• Records drawn from a dataset:
------------

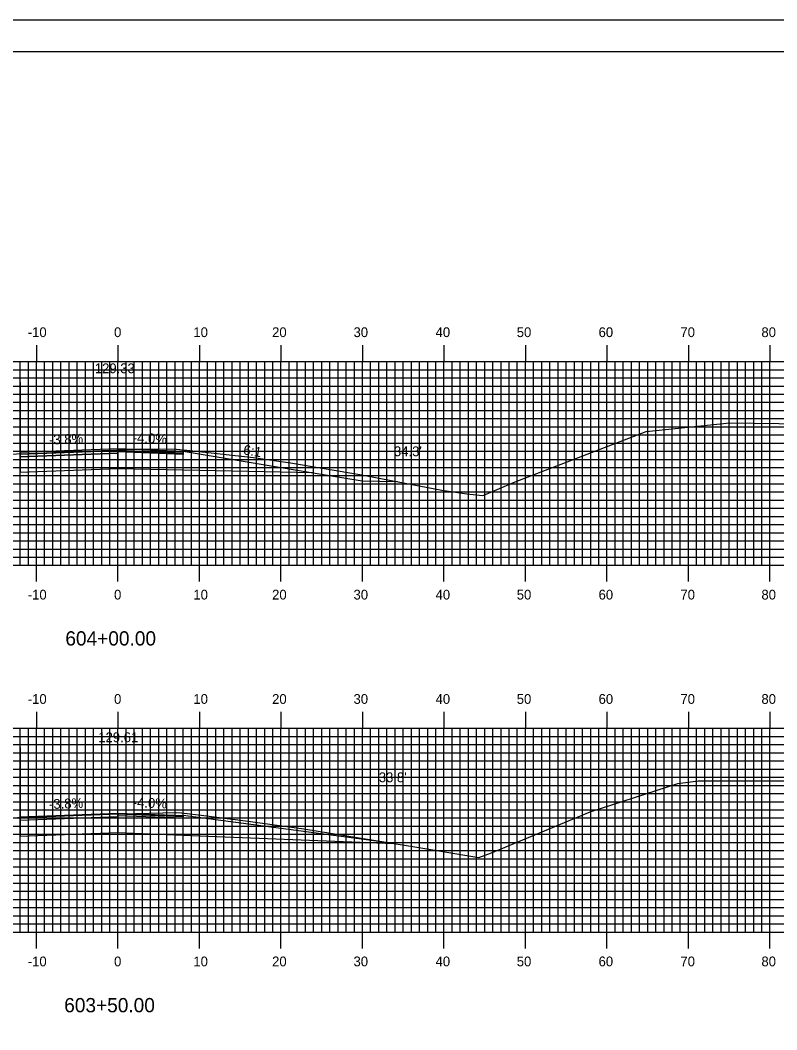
# Model space of a CAD drawing. Extents: x 841782 to 842125, y 363538 to 363758.
# Drawn here: x 841935.4 to 842028.2, y 363633.7 to 363757.6 of the extents above; entities that cross this region are included whole.
import ezdxf

# ---------------------------------------------------------------- set-up
doc = ezdxf.new("R2010")
doc.units = 0
for name, color, linetype in [('ANNOTATION', 7, 'Continuous'), ('BORDER', 7, 'Continuous'), ('D_Roadway_Centerline', 7, 'Continuous'), ('D_Roadway_Centerline_Text', 7, 'Continuous'), ('D_Roadway_Edge_Shoulder', 7, 'Continuous'), ('D_Roadway_Edge_TW', 7, 'Continuous'), ('D_Roadway_FinishedGrade', 7, 'Continuous'), ('D_Roadway_Pavement', 7, 'Continuous'), ('D_Roadway_SubGrade', 7, 'Continuous'), ('D_Text_Standard', 7, 'Continuous'), ('H_V ANNOTATION', 7, 'Continuous'), ('M_Roadway_Centerline', 7, 'Continuous'), ('MAJOR', 7, 'Continuous'), ('MINOR', 7, 'Continuous'), ('PLOT BOUNDARY', 7, 'Continuous'), ('S_Roadway_Centerline', 7, 'Continuous')]:
    doc.layers.add(name, color=color, linetype=linetype)

msp = doc.modelspace()

# ---------------------------------------------------------------- linework, layer by layer
at = {"layer": 'BORDER'}
msp.add_lwpolyline([(841797.77, 363543.72), (842117.77, 363543.72), (842117.77, 363753.72), (841797.77, 363753.72)], close=True, dxfattribs=at)
at = {"layer": 'D_Roadway_Centerline'}
for points in [[(841935.37, 363704.6), (841947.37, 363705.05), (841955.37, 363704.73), (841971.33, 363702.07)], [(841935.37, 363659.87), (841947.37, 363660.33), (841955.37, 363660.01)]]:
    msp.add_lwpolyline(points, dxfattribs=at)
at = {"layer": 'D_Roadway_Edge_Shoulder'}
for points in [[(841947.37, 363705.05), (841955.37, 363704.73), (841955.37, 363704.48), (841947.37, 363704.8)], [(841947.37, 363660.33), (841955.37, 363660.01), (841955.37, 363659.88), (841947.37, 363660.2)]]:
    msp.add_lwpolyline(points, close=True, dxfattribs=at)
at = {"layer": 'D_Roadway_Edge_TW'}
for points in [[(841935.37, 363704.6), (841947.37, 363705.05), (841947.37, 363704.8), (841935.37, 363704.35)], [(841935.37, 363659.87), (841947.37, 363660.33), (841947.37, 363660.2), (841935.37, 363659.75)]]:
    msp.add_lwpolyline(points, close=True, dxfattribs=at)
for points in [[(841935.37, 363704.6), (841935.37, 363704.35)], [(841935.37, 363659.87), (841935.37, 363659.75)]]:
    msp.add_lwpolyline(points, dxfattribs=at)
at = {"layer": 'D_Roadway_FinishedGrade'}
msp.add_lwpolyline([(841971.33, 363702.07), (841977.33, 363701.07), (841981.67, 363700.99)], dxfattribs=at)
at = {"layer": 'D_Roadway_Pavement'}
for points in [[(841935.37, 363704.35), (841947.37, 363704.8), (841947.37, 363704.47), (841935.37, 363704.01)], [(841947.37, 363704.8), (841955.37, 363704.48), (841955.37, 363704.31), (841947.37, 363704.63)]]:
    msp.add_lwpolyline(points, close=True, dxfattribs=at)
for points in [[(841935.37, 363704.35), (841935.37, 363704.01)], [(841947.37, 363704.8), (841947.37, 363704.47)], [(841947.37, 363704.8), (841947.37, 363704.47)]]:
    msp.add_lwpolyline(points, dxfattribs=at)
at = {"layer": 'D_Roadway_SubGrade'}
for p, q in [((841935.37, 363713.19), (841935.37, 363702.1)), ((841935.37, 363668.35), (841935.37, 363659.75)), ((841935.37, 363657.5), (841935.37, 363659.75)), ((841947.37, 363660.2), (841947.37, 363657.95))]:
    msp.add_line(p, q, dxfattribs=at)
for points in [[(841935.37, 363704.01), (841947.37, 363704.47), (841947.37, 363702.55), (841935.37, 363702.1)], [(841947.37, 363704.47), (841947.37, 363704.8), (841955.37, 363704.48), (841955.37, 363704.73), (841971.33, 363702.07), (841947.37, 363702.55)]]:
    msp.add_lwpolyline(points, close=True, dxfattribs=at)
for points in [[(841935.37, 363704.01), (841935.37, 363702.1)], [(841947.37, 363660.2), (841947.37, 363659.87), (841935.37, 363659.42)], [(841935.37, 363659.75), (841935.37, 363657.5), (841947.37, 363657.95), (841955.37, 363657.63), (841955.37, 363659.88)], [(841947.37, 363660.2), (841947.37, 363660.04), (841955.37, 363659.72)], [(841955.37, 363657.63), (841981.21, 363656.6), (841955.37, 363660.01)]]:
    msp.add_lwpolyline(points, dxfattribs=at)
at = {"layer": 'MAJOR'}
for p, q in [((841937.37, 363717.73), (841937.37, 363715.72)), ((841947.37, 363717.73), (841947.37, 363715.72)), ((841957.37, 363717.73), (841957.37, 363715.72)), ((841967.37, 363717.73), (841967.37, 363715.72)), ((841977.37, 363717.73), (841977.37, 363715.72)), ((841987.37, 363717.73), (841987.37, 363715.72)), ((841997.37, 363717.73), (841997.37, 363715.72)), ((842007.37, 363717.73), (842007.37, 363715.72)), ((842017.37, 363717.73), (842017.37, 363715.72)), ((842027.37, 363717.73), (842027.37, 363715.72)), ((841807.37, 363715.72), (842087.37, 363715.72)), ((841807.37, 363715.72), (842087.37, 363715.72)), ((841937.37, 363690.72), (841937.37, 363715.72)), ((841947.37, 363690.72), (841947.37, 363715.72)), ((841957.37, 363690.72), (841957.37, 363715.72)), ((841967.37, 363690.72), (841967.37, 363715.72)), ((841977.37, 363690.72), (841977.37, 363715.72)), ((841987.37, 363690.72), (841987.37, 363715.72)), ((841997.37, 363690.72), (841997.37, 363715.72)), ((842007.37, 363690.72), (842007.37, 363715.72)), ((842017.37, 363690.72), (842017.37, 363715.72)), ((842027.37, 363690.72), (842027.37, 363715.72)), ((841807.37, 363710.72), (842087.37, 363710.72)), ((841807.37, 363705.72), (842087.37, 363705.72)), ((841807.37, 363700.72), (842087.37, 363700.72)), ((841807.37, 363695.72), (842087.37, 363695.72)), ((841807.37, 363690.72), (842087.37, 363690.72)), ((841807.37, 363690.72), (842087.37, 363690.72)), ((841937.37, 363688.72), (841937.37, 363690.72)), ((841947.37, 363688.72), (841947.37, 363690.72)), ((841957.37, 363688.72), (841957.37, 363690.72)), ((841967.37, 363688.72), (841967.37, 363690.72)), ((841977.37, 363688.72), (841977.37, 363690.72)), ((841987.37, 363688.72), (841987.37, 363690.72)), ((841997.37, 363688.72), (841997.37, 363690.72)), ((842007.37, 363688.72), (842007.37, 363690.72)), ((842017.37, 363688.72), (842017.37, 363690.72)), ((842027.37, 363688.72), (842027.37, 363690.72)), ((841937.37, 363672.73), (841937.37, 363670.72)), ((841947.37, 363672.73), (841947.37, 363670.72)), ((841957.37, 363672.73), (841957.37, 363670.72)), ((841967.37, 363672.73), (841967.37, 363670.72)), ((841977.37, 363672.73), (841977.37, 363670.72)), ((841987.37, 363672.73), (841987.37, 363670.72)), ((841997.37, 363672.73), (841997.37, 363670.72)), ((842007.37, 363672.73), (842007.37, 363670.72)), ((842017.37, 363672.73), (842017.37, 363670.72)), ((842027.37, 363672.73), (842027.37, 363670.72)), ((841807.37, 363670.72), (842087.37, 363670.72)), ((841807.37, 363670.72), (842087.37, 363670.72)), ((841937.37, 363645.72), (841937.37, 363670.72)), ((841947.37, 363645.72), (841947.37, 363670.72)), ((841957.37, 363645.72), (841957.37, 363670.72)), ((841967.37, 363645.72), (841967.37, 363670.72)), ((841977.37, 363645.72), (841977.37, 363670.72)), ((841987.37, 363645.72), (841987.37, 363670.72)), ((841997.37, 363645.72), (841997.37, 363670.72)), ((842007.37, 363645.72), (842007.37, 363670.72)), ((842017.37, 363645.72), (842017.37, 363670.72)), ((842027.37, 363645.72), (842027.37, 363670.72)), ((841807.37, 363665.72), (842087.37, 363665.72)), ((841807.37, 363660.72), (842087.37, 363660.72)), ((841807.37, 363655.72), (842087.37, 363655.72)), ((841807.37, 363650.72), (842087.37, 363650.72)), ((841807.37, 363645.72), (842087.37, 363645.72)), ((841807.37, 363645.72), (842087.37, 363645.72)), ((841937.37, 363643.72), (841937.37, 363645.72)), ((841947.37, 363643.72), (841947.37, 363645.72)), ((841957.37, 363643.72), (841957.37, 363645.72)), ((841967.37, 363643.72), (841967.37, 363645.72)), ((841977.37, 363643.72), (841977.37, 363645.72)), ((841987.37, 363643.72), (841987.37, 363645.72)), ((841997.37, 363643.72), (841997.37, 363645.72)), ((842007.37, 363643.72), (842007.37, 363645.72)), ((842017.37, 363643.72), (842017.37, 363645.72)), ((842027.37, 363643.72), (842027.37, 363645.72))]:
    msp.add_line(p, q, dxfattribs=at)
at = {"layer": 'MINOR'}
for p, q in [((841935.37, 363690.72), (841935.37, 363715.72)), ((841936.37, 363690.72), (841936.37, 363715.72)), ((841938.37, 363690.72), (841938.37, 363715.72)), ((841939.37, 363690.72), (841939.37, 363715.72)), ((841940.37, 363690.72), (841940.37, 363715.72)), ((841941.37, 363690.72), (841941.37, 363715.72)), ((841942.37, 363690.72), (841942.37, 363715.72)), ((841943.37, 363690.72), (841943.37, 363715.72)), ((841944.37, 363690.72), (841944.37, 363715.72)), ((841945.37, 363690.72), (841945.37, 363715.72)), ((841946.37, 363690.72), (841946.37, 363715.72)), ((841948.37, 363690.72), (841948.37, 363715.72)), ((841949.37, 363690.72), (841949.37, 363715.72)), ((841950.37, 363690.72), (841950.37, 363715.72)), ((841951.37, 363690.72), (841951.37, 363715.72)), ((841952.37, 363690.72), (841952.37, 363715.72)), ((841953.37, 363690.72), (841953.37, 363715.72)), ((841954.37, 363690.72), (841954.37, 363715.72)), ((841955.37, 363690.72), (841955.37, 363715.72)), ((841956.37, 363690.72), (841956.37, 363715.72)), ((841958.37, 363690.72), (841958.37, 363715.72)), ((841959.37, 363690.72), (841959.37, 363715.72)), ((841960.37, 363690.72), (841960.37, 363715.72)), ((841961.37, 363690.72), (841961.37, 363715.72)), ((841962.37, 363690.72), (841962.37, 363715.72)), ((841963.37, 363690.72), (841963.37, 363715.72)), ((841964.37, 363690.72), (841964.37, 363715.72)), ((841965.37, 363690.72), (841965.37, 363715.72)), ((841966.37, 363690.72), (841966.37, 363715.72)), ((841968.37, 363690.72), (841968.37, 363715.72)), ((841969.37, 363690.72), (841969.37, 363715.72)), ((841970.37, 363690.72), (841970.37, 363715.72)), ((841971.37, 363690.72), (841971.37, 363715.72)), ((841972.37, 363690.72), (841972.37, 363715.72)), ((841973.37, 363690.72), (841973.37, 363715.72)), ((841974.37, 363690.72), (841974.37, 363715.72)), ((841975.37, 363690.72), (841975.37, 363715.72)), ((841976.37, 363690.72), (841976.37, 363715.72)), ((841978.37, 363690.72), (841978.37, 363715.72)), ((841979.37, 363690.72), (841979.37, 363715.72)), ((841980.37, 363690.72), (841980.37, 363715.72)), ((841981.37, 363690.72), (841981.37, 363715.72)), ((841982.37, 363690.72), (841982.37, 363715.72)), ((841983.37, 363690.72), (841983.37, 363715.72)), ((841984.37, 363690.72), (841984.37, 363715.72)), ((841985.37, 363690.72), (841985.37, 363715.72)), ((841986.37, 363690.72), (841986.37, 363715.72)), ((841988.37, 363690.72), (841988.37, 363715.72)), ((841989.37, 363690.72), (841989.37, 363715.72)), ((841990.37, 363690.72), (841990.37, 363715.72)), ((841991.37, 363690.72), (841991.37, 363715.72)), ((841992.37, 363690.72), (841992.37, 363715.72)), ((841993.37, 363690.72), (841993.37, 363715.72)), ((841994.37, 363690.72), (841994.37, 363715.72)), ((841995.37, 363690.72), (841995.37, 363715.72)), ((841996.37, 363690.72), (841996.37, 363715.72)), ((841998.37, 363690.72), (841998.37, 363715.72)), ((841999.37, 363690.72), (841999.37, 363715.72)), ((842000.37, 363690.72), (842000.37, 363715.72)), ((842001.37, 363690.72), (842001.37, 363715.72)), ((842002.37, 363690.72), (842002.37, 363715.72)), ((842003.37, 363690.72), (842003.37, 363715.72)), ((842004.37, 363690.72), (842004.37, 363715.72)), ((842005.37, 363690.72), (842005.37, 363715.72)), ((842006.37, 363690.72), (842006.37, 363715.72)), ((842008.37, 363690.72), (842008.37, 363715.72)), ((842009.37, 363690.72), (842009.37, 363715.72)), ((842010.37, 363690.72), (842010.37, 363715.72)), ((842011.37, 363690.72), (842011.37, 363715.72)), ((842012.37, 363690.72), (842012.37, 363715.72)), ((842013.37, 363690.72), (842013.37, 363715.72)), ((842014.37, 363690.72), (842014.37, 363715.72)), ((842015.37, 363690.72), (842015.37, 363715.72)), ((842016.37, 363690.72), (842016.37, 363715.72)), ((842018.37, 363690.72), (842018.37, 363715.72)), ((842019.37, 363690.72), (842019.37, 363715.72)), ((842020.37, 363690.72), (842020.37, 363715.72)), ((842021.37, 363690.72), (842021.37, 363715.72)), ((842022.37, 363690.72), (842022.37, 363715.72)), ((842023.37, 363690.72), (842023.37, 363715.72)), ((842024.37, 363690.72), (842024.37, 363715.72)), ((842025.37, 363690.72), (842025.37, 363715.72)), ((842026.37, 363690.72), (842026.37, 363715.72)), ((841807.37, 363714.72), (842087.37, 363714.72)), ((841807.37, 363713.72), (842087.37, 363713.72)), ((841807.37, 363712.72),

------------

• PROBLEM DETAILS:
Scan the entries above and copy each line where "BORDER" occurs.

• THE ANSWER:
for name, color, linetype in [('ANNOTATION', 7, 'Continuous'), ('BORDER', 7, 'Continuous'), ('D_Roadway_Centerline', 7, 'Continuous'), ('D_Roadway_Centerline_Text', 7, 'Continuous'), ('D_Roadway_Edge_Shoulder', 7, 'Continuous'), ('D_Roadway_Edge_TW', 7, 'Continuous'), ('D_Roadway_FinishedGrade', 7, 'Continuous'), ('D_Roadway_Pavement', 7, 'Continuous'), ('D_Roadway_SubGrade', 7, 'Continuous'), ('D_Text_Standard', 7, 'Continuous'), ('H_V ANNOTATION', 7, 'Continuous'), ('M_Roadway_Centerline', 7, 'Continuous'), ('MAJOR', 7, 'Continuous'), ('MINOR', 7, 'Continuous'), ('PLOT BOUNDARY', 7, 'Continuous'), ('S_Roadway_Centerline', 7, 'Continuous')]:
at = {"layer": 'BORDER'}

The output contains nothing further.